Find the line with "#245 = VECTOR('',#246,1.);" in the records below. Copy it and every line after it, up to and including the line with "#270 = DEFINITIONAL_REPRESENTATION('',(#271),#275);".

Data items
########

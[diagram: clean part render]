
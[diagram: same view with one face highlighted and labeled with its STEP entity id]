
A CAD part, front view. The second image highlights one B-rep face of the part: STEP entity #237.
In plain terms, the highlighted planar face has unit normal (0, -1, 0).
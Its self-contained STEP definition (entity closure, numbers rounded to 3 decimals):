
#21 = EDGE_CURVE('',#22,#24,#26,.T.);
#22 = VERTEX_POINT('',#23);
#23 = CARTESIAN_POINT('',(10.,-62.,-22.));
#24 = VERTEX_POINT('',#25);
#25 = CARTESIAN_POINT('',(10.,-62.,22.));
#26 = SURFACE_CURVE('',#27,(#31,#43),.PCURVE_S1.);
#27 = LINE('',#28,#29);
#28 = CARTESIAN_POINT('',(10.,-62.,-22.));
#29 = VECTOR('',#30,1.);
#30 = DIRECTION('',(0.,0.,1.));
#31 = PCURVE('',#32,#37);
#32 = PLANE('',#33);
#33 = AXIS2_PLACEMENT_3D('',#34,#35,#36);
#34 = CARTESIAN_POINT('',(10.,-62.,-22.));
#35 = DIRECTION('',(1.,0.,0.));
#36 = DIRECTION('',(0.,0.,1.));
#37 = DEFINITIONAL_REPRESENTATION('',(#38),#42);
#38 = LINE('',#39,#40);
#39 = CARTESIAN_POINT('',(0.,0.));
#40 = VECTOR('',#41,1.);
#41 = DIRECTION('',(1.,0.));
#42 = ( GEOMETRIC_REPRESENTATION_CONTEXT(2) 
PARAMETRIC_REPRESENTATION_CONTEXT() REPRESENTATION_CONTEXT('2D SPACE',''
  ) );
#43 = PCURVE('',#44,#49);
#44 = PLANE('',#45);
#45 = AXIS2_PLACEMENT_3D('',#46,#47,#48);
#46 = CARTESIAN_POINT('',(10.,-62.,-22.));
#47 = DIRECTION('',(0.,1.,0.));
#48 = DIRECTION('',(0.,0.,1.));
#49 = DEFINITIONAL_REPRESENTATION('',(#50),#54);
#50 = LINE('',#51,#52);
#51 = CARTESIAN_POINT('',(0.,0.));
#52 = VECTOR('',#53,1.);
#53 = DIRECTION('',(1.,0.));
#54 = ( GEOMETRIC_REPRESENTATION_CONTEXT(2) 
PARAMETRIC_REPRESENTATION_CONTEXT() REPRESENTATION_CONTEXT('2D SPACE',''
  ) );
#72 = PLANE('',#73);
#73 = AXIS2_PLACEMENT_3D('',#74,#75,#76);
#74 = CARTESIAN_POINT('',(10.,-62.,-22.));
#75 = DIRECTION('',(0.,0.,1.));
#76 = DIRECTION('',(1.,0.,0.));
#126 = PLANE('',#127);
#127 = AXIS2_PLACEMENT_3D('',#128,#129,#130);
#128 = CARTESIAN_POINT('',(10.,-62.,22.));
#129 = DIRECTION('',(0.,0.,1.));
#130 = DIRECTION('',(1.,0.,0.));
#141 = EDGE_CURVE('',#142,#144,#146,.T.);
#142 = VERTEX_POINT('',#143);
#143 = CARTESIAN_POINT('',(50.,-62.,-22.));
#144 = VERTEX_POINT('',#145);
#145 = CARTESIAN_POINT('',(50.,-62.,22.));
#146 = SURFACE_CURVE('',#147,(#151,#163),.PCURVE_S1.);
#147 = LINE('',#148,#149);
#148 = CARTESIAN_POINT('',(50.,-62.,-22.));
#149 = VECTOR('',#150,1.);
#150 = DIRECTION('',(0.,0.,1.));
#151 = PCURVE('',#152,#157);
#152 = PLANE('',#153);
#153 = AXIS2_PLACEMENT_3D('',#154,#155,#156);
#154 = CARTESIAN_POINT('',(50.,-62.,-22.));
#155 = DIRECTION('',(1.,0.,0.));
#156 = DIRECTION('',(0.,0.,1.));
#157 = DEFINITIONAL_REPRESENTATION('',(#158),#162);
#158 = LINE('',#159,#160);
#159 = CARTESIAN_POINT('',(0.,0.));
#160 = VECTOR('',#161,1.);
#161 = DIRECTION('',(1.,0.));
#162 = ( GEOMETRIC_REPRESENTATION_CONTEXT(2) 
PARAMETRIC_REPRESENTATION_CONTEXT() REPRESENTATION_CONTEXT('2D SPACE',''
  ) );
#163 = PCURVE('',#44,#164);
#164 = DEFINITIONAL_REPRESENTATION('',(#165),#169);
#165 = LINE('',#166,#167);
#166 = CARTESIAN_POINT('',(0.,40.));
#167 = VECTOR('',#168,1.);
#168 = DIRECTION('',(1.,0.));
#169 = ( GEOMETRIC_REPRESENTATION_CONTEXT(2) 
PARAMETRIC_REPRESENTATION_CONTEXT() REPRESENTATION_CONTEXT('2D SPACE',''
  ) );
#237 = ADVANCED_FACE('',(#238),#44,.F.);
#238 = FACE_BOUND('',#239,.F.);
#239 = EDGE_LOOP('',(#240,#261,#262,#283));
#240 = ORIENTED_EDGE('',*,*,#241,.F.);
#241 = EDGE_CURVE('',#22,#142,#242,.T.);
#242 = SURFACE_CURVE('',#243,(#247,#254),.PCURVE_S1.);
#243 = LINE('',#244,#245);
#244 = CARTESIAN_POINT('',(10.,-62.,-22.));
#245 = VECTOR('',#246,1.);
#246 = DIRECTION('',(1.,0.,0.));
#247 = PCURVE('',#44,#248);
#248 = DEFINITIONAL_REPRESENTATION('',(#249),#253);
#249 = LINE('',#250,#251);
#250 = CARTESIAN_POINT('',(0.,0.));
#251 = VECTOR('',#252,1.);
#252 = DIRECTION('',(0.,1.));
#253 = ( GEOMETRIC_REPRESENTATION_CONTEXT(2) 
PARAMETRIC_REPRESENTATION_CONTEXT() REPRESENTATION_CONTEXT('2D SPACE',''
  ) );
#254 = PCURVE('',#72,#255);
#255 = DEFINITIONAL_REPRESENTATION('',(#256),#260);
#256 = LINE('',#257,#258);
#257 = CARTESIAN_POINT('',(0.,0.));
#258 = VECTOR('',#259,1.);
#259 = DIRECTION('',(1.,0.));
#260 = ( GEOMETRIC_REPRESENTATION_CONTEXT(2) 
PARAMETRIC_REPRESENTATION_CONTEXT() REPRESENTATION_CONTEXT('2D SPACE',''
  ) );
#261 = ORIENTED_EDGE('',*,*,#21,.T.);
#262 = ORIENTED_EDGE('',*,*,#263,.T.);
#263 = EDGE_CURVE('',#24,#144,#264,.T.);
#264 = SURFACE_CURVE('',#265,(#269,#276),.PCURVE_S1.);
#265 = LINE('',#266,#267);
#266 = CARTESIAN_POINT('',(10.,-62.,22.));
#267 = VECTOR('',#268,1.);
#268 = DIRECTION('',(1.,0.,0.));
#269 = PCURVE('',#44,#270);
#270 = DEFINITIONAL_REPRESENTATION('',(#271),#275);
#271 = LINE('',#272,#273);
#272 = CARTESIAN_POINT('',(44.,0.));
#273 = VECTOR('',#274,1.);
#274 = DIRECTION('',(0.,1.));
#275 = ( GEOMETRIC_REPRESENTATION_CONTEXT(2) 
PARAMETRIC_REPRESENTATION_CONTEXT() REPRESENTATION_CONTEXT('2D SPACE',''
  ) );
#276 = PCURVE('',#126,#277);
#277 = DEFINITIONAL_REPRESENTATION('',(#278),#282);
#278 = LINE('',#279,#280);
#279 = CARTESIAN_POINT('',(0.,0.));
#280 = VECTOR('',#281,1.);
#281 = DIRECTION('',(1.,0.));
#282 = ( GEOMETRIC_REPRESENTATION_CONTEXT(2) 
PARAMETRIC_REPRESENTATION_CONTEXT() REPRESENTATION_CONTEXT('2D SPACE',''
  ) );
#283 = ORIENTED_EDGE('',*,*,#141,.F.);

########

**Written response**
#245 = VECTOR('',#246,1.);
#246 = DIRECTION('',(1.,0.,0.));
#247 = PCURVE('',#44,#248);
#248 = DEFINITIONAL_REPRESENTATION('',(#249),#253);
#249 = LINE('',#250,#251);
#250 = CARTESIAN_POINT('',(0.,0.));
#251 = VECTOR('',#252,1.);
#252 = DIRECTION('',(0.,1.));
#253 = ( GEOMETRIC_REPRESENTATION_CONTEXT(2) 
PARAMETRIC_REPRESENTATION_CONTEXT() REPRESENTATION_CONTEXT('2D SPACE',''
  ) );
#254 = PCURVE('',#72,#255);
#255 = DEFINITIONAL_REPRESENTATION('',(#256),#260);
#256 = LINE('',#257,#258);
#257 = CARTESIAN_POINT('',(0.,0.));
#258 = VECTOR('',#259,1.);
#259 = DIRECTION('',(1.,0.));
#260 = ( GEOMETRIC_REPRESENTATION_CONTEXT(2) 
PARAMETRIC_REPRESENTATION_CONTEXT() REPRESENTATION_CONTEXT('2D SPACE',''
  ) );
#261 = ORIENTED_EDGE('',*,*,#21,.T.);
#262 = ORIENTED_EDGE('',*,*,#263,.T.);
#263 = EDGE_CURVE('',#24,#144,#264,.T.);
#264 = SURFACE_CURVE('',#265,(#269,#276),.PCURVE_S1.);
#265 = LINE('',#266,#267);
#266 = CARTESIAN_POINT('',(10.,-62.,22.));
#267 = VECTOR('',#268,1.);
#268 = DIRECTION('',(1.,0.,0.));
#269 = PCURVE('',#44,#270);
#270 = DEFINITIONAL_REPRESENTATION('',(#271),#275);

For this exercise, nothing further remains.